ABOUT THIS TASK: Please return all lines from the records below that include the string "drawing".

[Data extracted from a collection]
☆ ☆ ☆
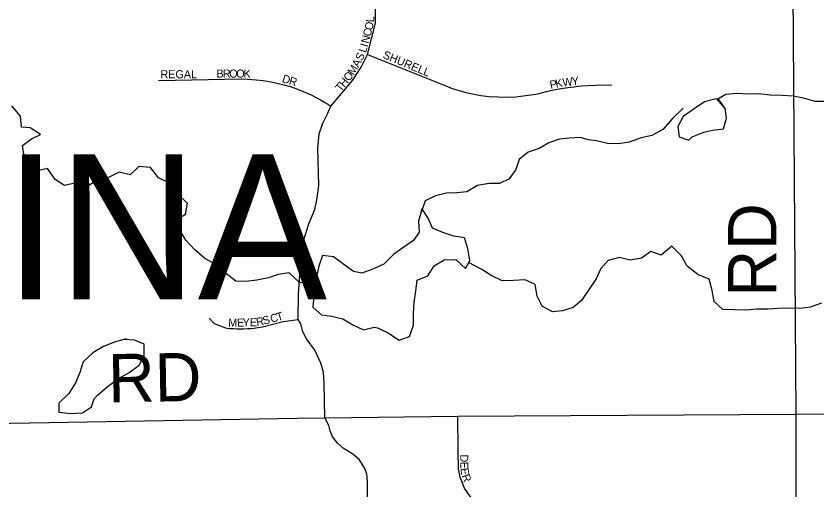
# Model space of a CAD drawing. Extents: x 1985906 to 2277390, y 930619 to 1324581.
# Drawn here: x 2148429 to 2153402, y 1155327 to 1158270 of the extents above; entities that cross this region are included whole.
import ezdxf

# ---------------------------------------------------------------- set-up
doc = ezdxf.new("R2010")
doc.units = 0
for name, color, linetype in [('GM_X_County_Road', 7, 'Continuous'), ('GM_X_County_Road_Text', 7, 'Continuous'), ('GM_X_Minor_Lake', 7, 'Continuous'), ('GM_X_Minor_River', 7, 'Continuous'), ('GM_X_Township_Road', 7, 'Continuous'), ('GM_X_Township_Road_Text', 7, 'Continuous'), ('GM_X_Township_Subdivision', 7, 'Continuous'), ('GM_X_Township_Subdivision_Text', 7, 'Continuous'), ('GM_X_Township_Text', 7, 'Continuous')]:
    doc.layers.add(name, color=color, linetype=linetype)

msp = doc.modelspace()

# ---------------------------------------------------------------- linework, layer by layer
at = {"layer": 'GM_X_County_Road'}
msp.add_lwpolyline([(2145952.7, 1155701.2), (2146258.9, 1155705.5), (2150174.8, 1155772.6), (2150347, 1155774.5), (2151172.5, 1155785.7), (2153272.3, 1155797.3), (2157154.1, 1155842.4)], dxfattribs=at)
at = {"layer": 'GM_X_Minor_Lake'}
for points in [[(2152782.6, 1157753.4), (2152776.9, 1157756.3), (2152705, 1157738.2), (2152639.1, 1157694.1), (2152571.3, 1157646), (2152539.3, 1157583.9), (2152547.3, 1157519.8), (2152607.3, 1157499.8)], [(2152607.3, 1157499.8), (2152627.2, 1157519.8), (2152699.1, 1157549.9), (2152753.1, 1157562), (2152821, 1157570), (2152840.9, 1157636.1), (2152832.9, 1157696.2), (2152790.9, 1157754.3)], [(2152607.3, 1157499.8), (2152627.2, 1157519.8), (2152699.1, 1157549.9), (2152753.1, 1157562), (2152821, 1157570), (2152840.9, 1157636.1), (2152832.9, 1157696.2), (2152782.6, 1157753.4)], [(2150949.6, 1157074.3), (2150949.6, 1157068.2), (2150927.7, 1156996.1), (2150931.7, 1156928), (2150897.8, 1156875.9), (2150835.9, 1156835.8), (2150774, 1156791.7), (2150712.1, 1156729.6), (2150644.2, 1156697.5), (2150576.3, 1156673.4), (2150524.3, 1156683.4), (2150464.4, 1156727.4), (2150400.5, 1156775.5), (2150332.6, 1156783.5), (2150308.6, 1156717.3), (2150294.7, 1156649.2), (2150282.7, 1156583.1), (2150278.7, 1156531), (2150270.8, 1156462.9), (2150324.7, 1156414.8), (2150388.6, 1156406.9), (2150458.5, 1156388.9), (2150520.5, 1156352.8), (2150586.4, 1156320.8), (2150652.3, 1156338.9)], [(2150945, 1157050.5), (2150949.6, 1157068.2), (2150927.7, 1156996.1), (2150931.7, 1156928), (2150897.8, 1156875.9), (2150835.9, 1156835.8), (2150774, 1156791.7), (2150712.1, 1156729.6), (2150644.2, 1156697.5), (2150576.3, 1156673.4), (2150524.3, 1156683.4), (2150464.4, 1156727.4), (2150400.5, 1156775.5), (2150332.6, 1156783.5), (2150308.6, 1156717.3), (2150294.7, 1156649.2), (2150282.7, 1156583.1), (2150278.7, 1156531), (2150270.8, 1156462.9), (2150324.7, 1156414.8), (2150388.6, 1156406.9), (2150458.5, 1156388.9), (2150520.5, 1156352.8), (2150586.4, 1156320.8), (2150652.3, 1156338.9)], [(2150652.3, 1156338.9), (2150672.3, 1156334.9), (2150736.2, 1156304.9), (2150808.1, 1156256.8), (2150872, 1156280.9), (2150896, 1156351), (2150896, 1156423.1), (2150901.9, 1156493.3), (2150911.9, 1156561.4), (2150919.8, 1156629.5), (2150985.7, 1156657.6), (2151025.7, 1156719.7), (2151087.6, 1156755.8), (2151159.5, 1156757.8), (2151219.4, 1156701.8), (2151247.4, 1156751.9), (2151233.4, 1156826), (2151213.3, 1156892.1), (2151147.4, 1156904.1), (2151079.5, 1156926.1), (2151015.6, 1156952.1), (2150987.6, 1157014.2), (2150949.6, 1157074.3)], [(2149112.4, 1156266), (2149040.5, 1156245.9), (2148972.6, 1156217.8), (2148904.7, 1156177.7), (2148844.8, 1156123.6), (2148824.8, 1156055.5), (2148798.9, 1155991.4), (2148757, 1155925.2), (2148695.1, 1155867.1), (2148695.1, 1155811), (2148769, 1155801), (2148840.9, 1155805.1), (2148896.8, 1155843.2), (2148914.8, 1155893.3)], [(2149096.4, 1156262), (2149040.5, 1156245.9), (2148972.6, 1156217.8), (2148904.7, 1156177.7), (2148844.8, 1156123.6), (2148824.8, 1156055.5), (2148798.9, 1155991.4), (2148757, 1155925.2), (2148695.1, 1155867.1), (2148695.1, 1155811), (2148769, 1155801), (2148840.9, 1155805.1), (2148896.8, 1155843.2), (2148914.8, 1155893.3)], [(2148914.8, 1155893.3), (2148936.7, 1155917.3), (2149002.6, 1155973.4), (2149064.5, 1156019.6), (2149128.4, 1156053.6), (2149194.3, 1156101.8), (2149224.3, 1156161.9), (2149224.2, 1156232), (2149164.3, 1156258), (2149096.4, 1156262)]]:
    msp.add_lwpolyline(points, dxfattribs=at)
at = {"layer": 'GM_X_Minor_River'}
for points in [[(2153457.2, 1157739.7), (2153391.3, 1157740.2), (2153318.9, 1157760.6), (2153254.7, 1157773.1), (2153186.7, 1157777.6), (2153112.8, 1157779.8), (2153042.7, 1157786.2), (2152976.9, 1157784.7), (2152904.9, 1157789.1), (2152837.1, 1157783.5), (2152787.5, 1157753.4)], [(2150283.3, 1156600), (2150188.1, 1156616.3), (2150124.9, 1156674.9), (2150057.2, 1156665.4), (2149995.8, 1156643.9), (2149924.2, 1156630.2), (2149856.5, 1156622.7), (2149792.6, 1156623.2), (2149729.5, 1156673.8), (2149674.4, 1156724.6), (2149601.6, 1156765), (2149536.5, 1156819.6), (2149483.2, 1156878.5), (2149445.8, 1156939.8), (2149422.4, 1157005.3), (2149481.5, 1157040.8), (2149493.9, 1157107.1), (2149426.6, 1157169.7), (2149381.2, 1157232.8), (2149312.5, 1157265.2), (2149263.1, 1157330.2), (2149191.1, 1157336.6), (2149138.4, 1157283.2), (2149068.1, 1157299.7), (2149003, 1157268.1), (2148933.5, 1157250.5), (2148870.5, 1157210.9), (2148802, 1157235.4), (2148730.5, 1157217.7), (2148671.8, 1157254.4), (2148624.3, 1157323.5), (2148560.7, 1157308), (2148506.2, 1157334.8), (2148478.7, 1157400.2), (2148469.2, 1157466.1), (2148524.2, 1157507.5), (2148581.5, 1157534.8), (2148516.6, 1157575.4), (2148462.6, 1157580.2), (2148457, 1157648.2), (2148401.6, 1157713)], [(2152571.5, 1157697.2), (2152505.1, 1157633.6), (2152444.7, 1157566.1), (2152377.7, 1157528.4), (2152310.2, 1157512.9), (2152236.9, 1157487.1), (2152169.2, 1157477.5), (2152101.3, 1157478), (2152033, 1157494.4), (2151983, 1157501.3), (2151932.7, 1157516.1), (2151864.9, 1157512.6), (2151803.2, 1157505.1), (2151737.7, 1157483.6), (2151676.7, 1157448.1), (2151609.3, 1157424.5), (2151552.4, 1157379.1), (2151531.9, 1157316.5), (2151491.3, 1157259.5), (2151430.1, 1157230), (2151366.2, 1157230.6), (2151294.5, 1157218.9), (2151227.5, 1157179.3), (2151165.8, 1157171.8), (2151102, 1157170.4), (2151032.5, 1157152.7), (2150969.2, 1157123.2), (2150945, 1157050.5)], [(2153430.1, 1156486.9), (2153360.8, 1156461.3), (2153297.1, 1156453.8), (2153225.1, 1156456.1), (2153159.3, 1156454.6), (2153099.5, 1156449.2), (2153029.6, 1156449.6), (2152959.8, 1156444), (2152891.9, 1156446.4), (2152817.9, 1156448.7), (2152764.9, 1156497.6), (2152751.3, 1156565.4), (2152733.7, 1156637.1), (2152663.2, 1156665.5), (2152596.1, 1156716.1), (2152558.6, 1156783.3), (2152501.3, 1156842.1), (2152434.8, 1156784.4), (2152370.3, 1156809), (2152313.4, 1156767.6), (2152241.8, 1156753.9), (2152175.5, 1156770.4), (2152106, 1156752.8), (2152059.3, 1156701.6), (2152030.8, 1156638.9), (2151988.3, 1156573.8), (2151940, 1156504.5), (2151889.1, 1156459.3), (2151821.7, 1156439.7), (2151759.9, 1156434.2), (2151695.2, 1156468.8), (2151665.8, 1156530.2), (2151652.2, 1156602.1), (2151589.6, 1156632.7), (2151517.8, 1156627), (2151448, 1156625.4), (2151383.4, 1156656), (2151320.5, 1156696.6), (2151238.1, 1156740.6)]]:
    msp.add_lwpolyline(points, dxfattribs=at)
at = {"layer": 'GM_X_Township_Road'}
for points in [[(2153272.3, 1155797.3), (2153236.1, 1161050.3)], [(2153292, 1152187.3), (2153286.3, 1152879.2), (2153280, 1153651.8), (2153273.4, 1154658.4), (2153272.3, 1155797.3)]]:
    msp.add_lwpolyline(points, dxfattribs=at)
at = {"layer": 'GM_X_Township_Subdivision'}
for points in [[(2150610.4, 1158032.4), (2150661.1, 1158226.7), (2150661.1, 1158350.6)], [(2150347, 1155774.5), (2150342.8, 1155990.3), (2150338.6, 1156059.3), (2150321.7, 1156114.2), (2150283.6, 1156194.5), (2150231.5, 1156264.9), (2150210.4, 1156308.5), (2150196.3, 1156357.9), (2150181.4, 1156386.7), (2150182.2, 1156545.2), (2150202, 1156804.3), (2150216, 1156880.3), (2150247, 1156978.9), (2150283.6, 1157069), (2150297.7, 1157139.5), (2150309, 1157218.3), (2150303.3, 1157449.3), (2150311.8, 1157539.5), (2150334.3, 1157604.2), (2150362.5, 1157663.4), (2150384, 1157710.8), (2150517.4, 1157869), (2150570.9, 1157953.5), (2150610.4, 1158032.4)], [(2150610.4, 1158032.4), (2151066.4, 1157848.6), (2151097.2, 1157836), (2151137.3, 1157821.2), (2151179.7, 1157807.7), (2151222, 1157796.2), (2151273.5, 1157785), (2151315, 1157777.8), (2151365.7, 1157771.6), (2151422.4, 1157767.7), (2151481.2, 1157767.1), (2151532.3, 1157769.4), (2151595.3, 1157775.8), (2151656, 1157785.8), (2151692.3, 1157793.7), (2151723.1, 1157801.3), (2151748.5, 1157807), (2151779.3, 1157813.4), (2151800.8, 1157817.4), (2151839.8, 1157823.9), (2151871.3, 1157828.4), (2151895.2, 1157831.3), (2151918.9, 1157833.9), (2151940.9, 1157835.9), (2151977.5, 1157838.5), (2152027.2, 1157840.7), (2152128.2, 1157842.4)], [(2149312.5, 1157870.5), (2149826.7, 1157879.3), (2149865.8, 1157878.6), (2149920.2, 1157875), (2149963, 1157870.1), (2150022.8, 1157860), (2150084.2, 1157845.8), (2150138.6, 1157829.7), (2150187.4, 1157812.3), (2150261, 1157780.5), (2150319.8, 1157749.7), (2150358.5, 1157726.7), (2150384, 1157710.8)], [(2149627.4, 1156394.5), (2149659.7, 1156360.6), (2149729.3, 1156333.3), (2149740.4, 1156332.1), (2149755, 1156330.7), (2149768.9, 1156329.7), (2149781.4, 1156329), (2149798.1, 1156328.3), (2149820.3, 1156328), (2149843.2, 1156328.3), (2149866.5, 1156329.3), (2149885.9, 1156330.6), (2149905.7, 1156332.5), (2149931.2, 1156335.6), (2149958.6, 1156339.9), (2150087.9, 1156373.3), (2150181.4, 1156386.7)], [(2150299.5, 1154598.2), (2150505.9, 1154805.6), (2150537.2, 1154846.3), (2150564.7, 1154921.8), (2150594.9, 1155031.9), (2150611.8, 1155120.4), (2150612, 1155211.8), (2150612.2, 1155380.5), (2150607.2, 1155424.9), (2150595.6, 1155460.5), (2150561.1, 1155514.2), (2150520.4, 1155548.9), (2150461, 1155587.2), (2150423.1, 1155618.8), (2150393.7, 1155659.5), (2150378.5, 1155694.9), (2150371.1, 1155727.9), (2150347, 1155774.5)], [(2151266.1, 1155263.8), (2151214.1, 1155338.7), (2151187.1, 1155407.3), (2151176.7, 1155457.2), (2151174.6, 1155569.5), (2151172.5, 1155785.7)]]:
    msp.add_lwpolyline(points, dxfattribs=at)

# ---------------------------------------------------------------- texts
at = {"layer": 'GM_X_County_Road_Text'}
msp.add_text('RD', height=300, rotation=0.9872, dxfattribs=at).set_placement((2149002.5, 1155870.5))
at = {"layer": 'GM_X_Township_Road_Text'}
msp.add_text('RD', height=300, rotation=90, dxfattribs=at).set_placement((2153150, 1156528.1))
at = {"layer": 'GM_X_Township_Subdivision_Text'}
for s, rotation, p in [('L', 87.1508, (2150652, 1158231.1)), ('C', 74.8918, (2150629.4, 1158138.7)), ('O', 76.2488, (2150640, 1158178.2)), ('N', 74.902, (2150617.9, 1158096.2)), ('I', 74.7691, (2150612.1, 1158074.8)), ('S', 64.5481, (2150577.5, 1157988.3)), ('L', 72.4294, (2150600.9, 1158039.1)), ('SHURELL', 337.5197, (2150702.1, 1158010.8)), ('A', 61.597, (2150555.3, 1157947.1)), ('M', 57.8454, (2150525.4, 1157899.4)), ('REGAL', 0, (2149325.7, 1157883.9)), ('B', 359.8786, (2149673.2, 1157888.3)), ('R', 359.8991, (2149712.9, 1157888.2)), ('O', 359.8907, (2149752.5, 1157888.1)), ('O', 359.8907, (2149796.4, 1157888)), ('K', 358.3166, (2149840.1, 1157888)), ('D', 341.7516, (2150076.7, 1157861.4)), ('R', 343.1622, (2150119.7, 1157847.2)), ('O', 54.1891, (2150497.7, 1157860.8)), ('Y', 5.4279, (2151881.4, 1157839.6)), ('T', 50.3204, (2150444.8, 1157796.9)), ('H', 50.3092, (2150467.3, 1157824)), ('P', 11.2188, (2151748.2, 1157817.7)), ('K', 10.9499, (2151782.7, 1157824.5)), ('W', 6.977, (2151825, 1157832.7)), ('R', 10.4691, (2149924.2, 1156344.9)), ('S', 14.4558, (2149966.8, 1156353)), ('C', 14.5723, (2150013.8, 1156365.1)), ('T', 16.3265, (2150053.7, 1156375.5)), ('M', 359.1438, (2149746.3, 1156341.6)), ('E', 1.4759, (2149801.3, 1156340.9)), ('Y', 1.4425, (2149836.5, 1156341.8)), ('E', 1.9022, (2149880.9, 1156342.9)), ('D', 270.4591, (2151186.8, 1155546.8)), ('E', 270.4514, (2151187.2, 1155502.8)), ('E', 278.2432, (2151188, 1155460.3)), ('R', 288.8927, (2151195.4, 1155415.8))]:
    msp.add_text(s, height=50, rotation=rotation, dxfattribs=at).set_placement(p)
at = {"layer": 'GM_X_Township_Text'}
msp.add_text('MEDINA', height=900, rotation=0, dxfattribs=at).set_placement((2145679.4, 1156510.7))

doc.saveas('drawing.dxf')
☆ ☆ ☆
WORKED SOLUTION:
# Model space of a CAD drawing. Extents: x 1985906 to 2277390, y 930619 to 1324581.
doc.saveas('drawing.dxf')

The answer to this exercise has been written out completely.